↓

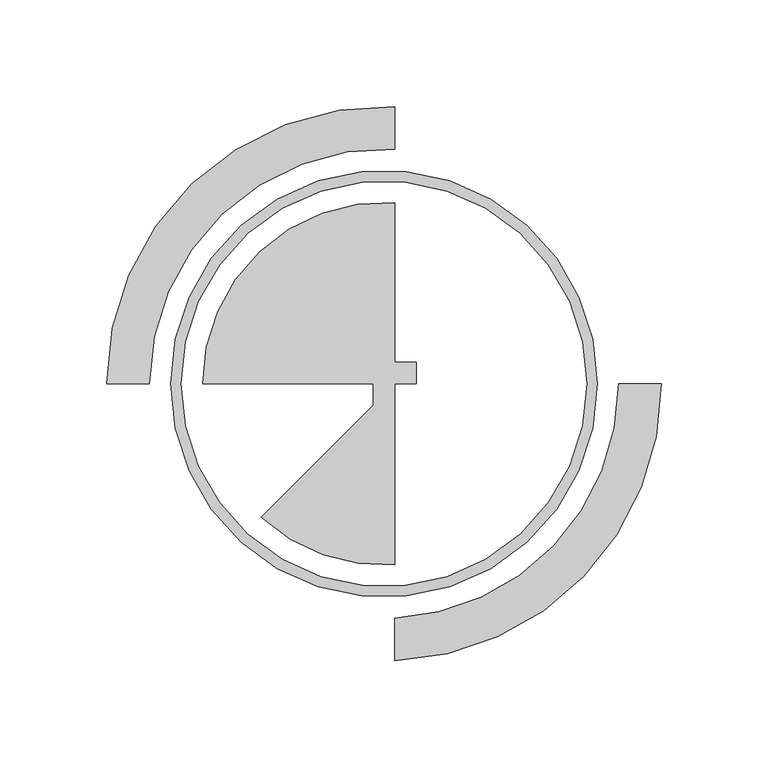
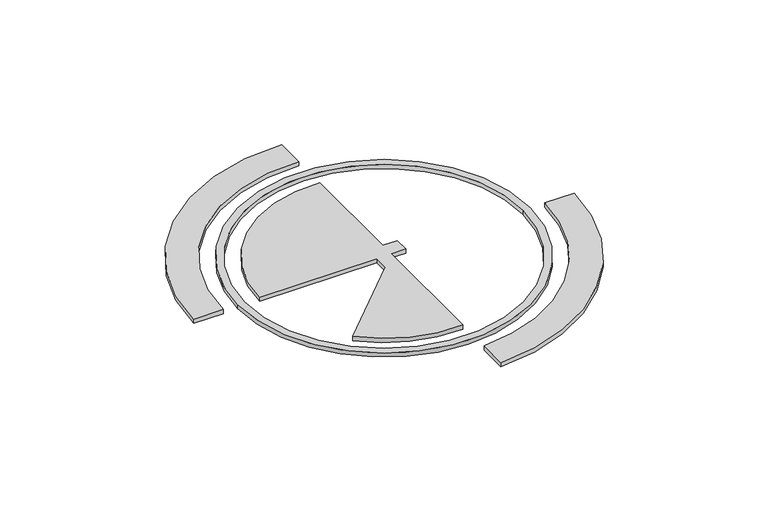
"""IFC4 building model written with IfcOpenShell, lengths in millimetres: proxy geometry, TSP Downlighter For Garage Door : TSP Downlighter For Garage Door."""

from ifc_helpers import new_model, si_unit, point, frame_2d, origin, origin_with_axes, place, context, project, spatial, polyline, circle_curve, trimmed, segment, composite_curve, outline, extrude, source, transform, mapped, element, save


def electrical_fixtures_56a16409(model_context):
    return source(origin(), model_context, "Body", "SweptSolid", [
        extrude(outline(composite_curve([segment(trimmed(circle_curve(frame_2d((-5.0, 0.0)), 100.0), [point((-105.0, 0.0))], [point((95.0, 0.0))], False, "CARTESIAN"), True, "CONTINUOUS"), segment(trimmed(circle_curve(frame_2d((-5.0, 0.0)), 100.0), [point((95.0, 0.0))], [point((-105.0, 0.0))], False, "CARTESIAN"), True, "CONTINUOUS")], self_intersect=False), holes=[composite_curve([segment(trimmed(circle_curve(frame_2d((-5.0, 0.0)), 95.0), [point((-100.0, 0.0))], [point((90.0, 0.0))], True, "CARTESIAN"), True, "CONTINUOUS"), segment(trimmed(circle_curve(frame_2d((-5.0, 0.0)), 95.0), [point((90.0, 0.0))], [point((-100.0, 0.0))], True, "CARTESIAN"), True, "CONTINUOUS")], self_intersect=False)]), origin_with_axes(), (0.0, 0.0, 1.0), 3.0),
        extrude(outline(composite_curve([segment(trimmed(circle_curve(frame_2d((-5.0, 0.0)), 85.0), [point((-90.0, 0.0))], [point((0.0, 84.8528137))], False, "CARTESIAN"), True, "CONTINUOUS"), segment(polyline([(0.0, 84.8528137), (0.0, 10.0), (10.0, 10.0), (10.0, 0.0), (0.0, 0.0), (0.0, -84.8528137)]), True, "CONTINUOUS"), segment(trimmed(circle_curve(frame_2d((-5.0, 0.0)), 85.0), [point((0.0, -84.8528137))], [point((-62.5520607, -62.5520607))], False, "CARTESIAN"), True, "CONTINUOUS"), segment(polyline([(-62.5520607, -62.5520607), (-10.0, -10.0), (-10.0, 0.0), (-90.0, 0.0)]), True, "CONTINUOUS")], self_intersect=False)), origin_with_axes(), (0.0, 0.0, 1.0), 3.0),
        extrude(outline(composite_curve([segment(trimmed(circle_curve(frame_2d((-5.0, 0.0)), 110.0), [point((0.0, 109.8863049))], [point((-115.0, 0.0))], True, "CARTESIAN"), True, "CONTINUOUS"), segment(polyline([(-115.0, 0.0), (-135.0, 0.0)]), True, "CONTINUOUS"), segment(trimmed(circle_curve(frame_2d((-5.0, 0.0)), 130.0), [point((-135.0, 0.0))], [point((0.0, 129.9038106))], False, "CARTESIAN"), True, "CONTINUOUS"), segment(polyline([(0.0, 129.9038106), (0.0, 109.8863049)]), True, "CONTINUOUS")], self_intersect=False)), origin_with_axes(), (0.0, 0.0, 1.0), 3.0),
        extrude(outline(composite_curve([segment(trimmed(circle_curve(frame_2d((-5.0, 0.0)), 110.0), [point((0.0, -109.8863049))], [point((105.0, 0.0))], True, "CARTESIAN"), True, "CONTINUOUS"), segment(polyline([(105.0, 0.0), (125.0, 0.0)]), True, "CONTINUOUS"), segment(trimmed(circle_curve(frame_2d((-5.0, 0.0)), 130.0), [point((125.0, 0.0))], [point((0.0, -129.9038106))], False, "CARTESIAN"), True, "CONTINUOUS"), segment(polyline([(0.0, -129.9038106), (0.0, -109.8863049)]), True, "CONTINUOUS")], self_intersect=False)), origin_with_axes(), (0.0, 0.0, 1.0), 3.0),
    ])


if __name__ == "__main__":
    model = new_model("IFC4")
    model_context = context("Model", 3, world=origin())
    ifc_project = project(units=[si_unit("LENGTHUNIT", "METRE", prefix="MILLI")], contexts=[model_context])
    site = spatial("IfcSite", under=ifc_project)
    building = spatial("IfcBuilding", under=site)
    placement = place(None, origin())
    electrical_fixtures_shape = electrical_fixtures_56a16409(model_context)
    element("IfcBuildingElementProxy", 1, Name="TSP Downlighter For Garage Door : TSP Downlighter For Garage Door", ObjectType="TSP Downlighter For Garage Door : TSP Downlighter For Garage Door", at=placement, inside=building, context=model_context, shape_type="MappedRepresentation", body=[
        mapped(electrical_fixtures_shape, transform((0.0, 0.0, 0.0), x_axis=(1.0, 0.0, 0.0), y_axis=(0.0, 1.0, 0.0), z_axis=(0.0, 0.0, 1.0))),
    ])
    save(model, "model.ifc")

# Revit data of these elements
# Type "TSP Downlighter For Garage Door : TSP Downlighter For Garage Door"
#   Model = "TSP_ELEC220GDL"
#   Default Elevation = 0
# Element 1 (IfcBuildingElementProxy, "TSP Downlighter For Garage Door : TSP Downlighter For Garage Door")
#   Materials on its faces: "Plastic, Opaque Black"
# Materials
#   "Plastic, Opaque Black": class "Plastic", colour RGB 0 0 0, transparency 0.7, Description = "Plastic, generic, opaque black", Cost = 0

↑

» Task goal
Leave the pictures out and write out every entry exactly as given.

» Written solution
"""IFC4 building model written with IfcOpenShell, lengths in millimetres: proxy geometry, TSP Downlighter For Garage Door : TSP Downlighter For Garage Door."""

from ifc_helpers import new_model, si_unit, point, frame_2d, origin, origin_with_axes, place, context, project, spatial, polyline, circle_curve, trimmed, segment, composite_curve, outline, extrude, source, transform, mapped, element, save


def electrical_fixtures_56a16409(model_context):
    return source(origin(), model_context, "Body", "SweptSolid", [
        extrude(outline(composite_curve([segment(trimmed(circle_curve(frame_2d((-5.0, 0.0)), 100.0), [point((-105.0, 0.0))], [point((95.0, 0.0))], False, "CARTESIAN"), True, "CONTINUOUS"), segment(trimmed(circle_curve(frame_2d((-5.0, 0.0)), 100.0), [point((95.0, 0.0))], [point((-105.0, 0.0))], False, "CARTESIAN"), True, "CONTINUOUS")], self_intersect=False), holes=[composite_curve([segment(trimmed(circle_curve(frame_2d((-5.0, 0.0)), 95.0), [point((-100.0, 0.0))], [point((90.0, 0.0))], True, "CARTESIAN"), True, "CONTINUOUS"), segment(trimmed(circle_curve(frame_2d((-5.0, 0.0)), 95.0), [point((90.0, 0.0))], [point((-100.0, 0.0))], True, "CARTESIAN"), True, "CONTINUOUS")], self_intersect=False)]), origin_with_axes(), (0.0, 0.0, 1.0), 3.0),
        extrude(outline(composite_curve([segment(trimmed(circle_curve(frame_2d((-5.0, 0.0)), 85.0), [point((-90.0, 0.0))], [point((0.0, 84.8528137))], False, "CARTESIAN"), True, "CONTINUOUS"), segment(polyline([(0.0, 84.8528137), (0.0, 10.0), (10.0, 10.0), (10.0, 0.0), (0.0, 0.0), (0.0, -84.8528137)]), True, "CONTINUOUS"), segment(trimmed(circle_curve(frame_2d((-5.0, 0.0)), 85.0), [point((0.0, -84.8528137))], [point((-62.5520607, -62.5520607))], False, "CARTESIAN"), True, "CONTINUOUS"), segment(polyline([(-62.5520607, -62.5520607), (-10.0, -10.0), (-10.0, 0.0), (-90.0, 0.0)]), True, "CONTINUOUS")], self_intersect=False)), origin_with_axes(), (0.0, 0.0, 1.0), 3.0),
        extrude(outline(composite_curve([segment(trimmed(circle_curve(frame_2d((-5.0, 0.0)), 110.0), [point((0.0, 109.8863049))], [point((-115.0, 0.0))], True, "CARTESIAN"), True, "CONTINUOUS"), segment(polyline([(-115.0, 0.0), (-135.0, 0.0)]), True, "CONTINUOUS"), segment(trimmed(circle_curve(frame_2d((-5.0, 0.0)), 130.0), [point((-135.0, 0.0))], [point((0.0, 129.9038106))], False, "CARTESIAN"), True, "CONTINUOUS"), segment(polyline([(0.0, 129.9038106), (0.0, 109.8863049)]), True, "CONTINUOUS")], self_intersect=False)), origin_with_axes(), (0.0, 0.0, 1.0), 3.0),
        extrude(outline(composite_curve([segment(trimmed(circle_curve(frame_2d((-5.0, 0.0)), 110.0), [point((0.0, -109.8863049))], [point((105.0, 0.0))], True, "CARTESIAN"), True, "CONTINUOUS"), segment(polyline([(105.0, 0.0), (125.0, 0.0)]), True, "CONTINUOUS"), segment(trimmed(circle_curve(frame_2d((-5.0, 0.0)), 130.0), [point((125.0, 0.0))], [point((0.0, -129.9038106))], False, "CARTESIAN"), True, "CONTINUOUS"), segment(polyline([(0.0, -129.9038106), (0.0, -109.8863049)]), True, "CONTINUOUS")], self_intersect=False)), origin_with_axes(), (0.0, 0.0, 1.0), 3.0),
    ])


if __name__ == "__main__":
    model = new_model("IFC4")
    model_context = context("Model", 3, world=origin())
    ifc_project = project(units=[si_unit("LENGTHUNIT", "METRE", prefix="MILLI")], contexts=[model_context])
    site = spatial("IfcSite", under=ifc_project)
    building = spatial("IfcBuilding", under=site)
    placement = place(None, origin())
    electrical_fixtures_shape = electrical_fixtures_56a16409(model_context)
    element("IfcBuildingElementProxy", 1, Name="TSP Downlighter For Garage Door : TSP Downlighter For Garage Door", ObjectType="TSP Downlighter For Garage Door : TSP Downlighter For Garage Door", at=placement, inside=building, context=model_context, shape_type="MappedRepresentation", body=[
        mapped(electrical_fixtures_shape, transform((0.0, 0.0, 0.0), x_axis=(1.0, 0.0, 0.0), y_axis=(0.0, 1.0, 0.0), z_axis=(0.0, 0.0, 1.0))),
    ])
    save(model, "model.ifc")

# Revit data of these elements
# Type "TSP Downlighter For Garage Door : TSP Downlighter For Garage Door"
#   Model = "TSP_ELEC220GDL"
#   Default Elevation = 0
# Element 1 (IfcBuildingElementProxy, "TSP Downlighter For Garage Door : TSP Downlighter For Garage Door")
#   Materials on its faces: "Plastic, Opaque Black"
# Materials
#   "Plastic, Opaque Black": class "Plastic", colour RGB 0 0 0, transparency 0.7, Description = "Plastic, generic, opaque black", Cost = 0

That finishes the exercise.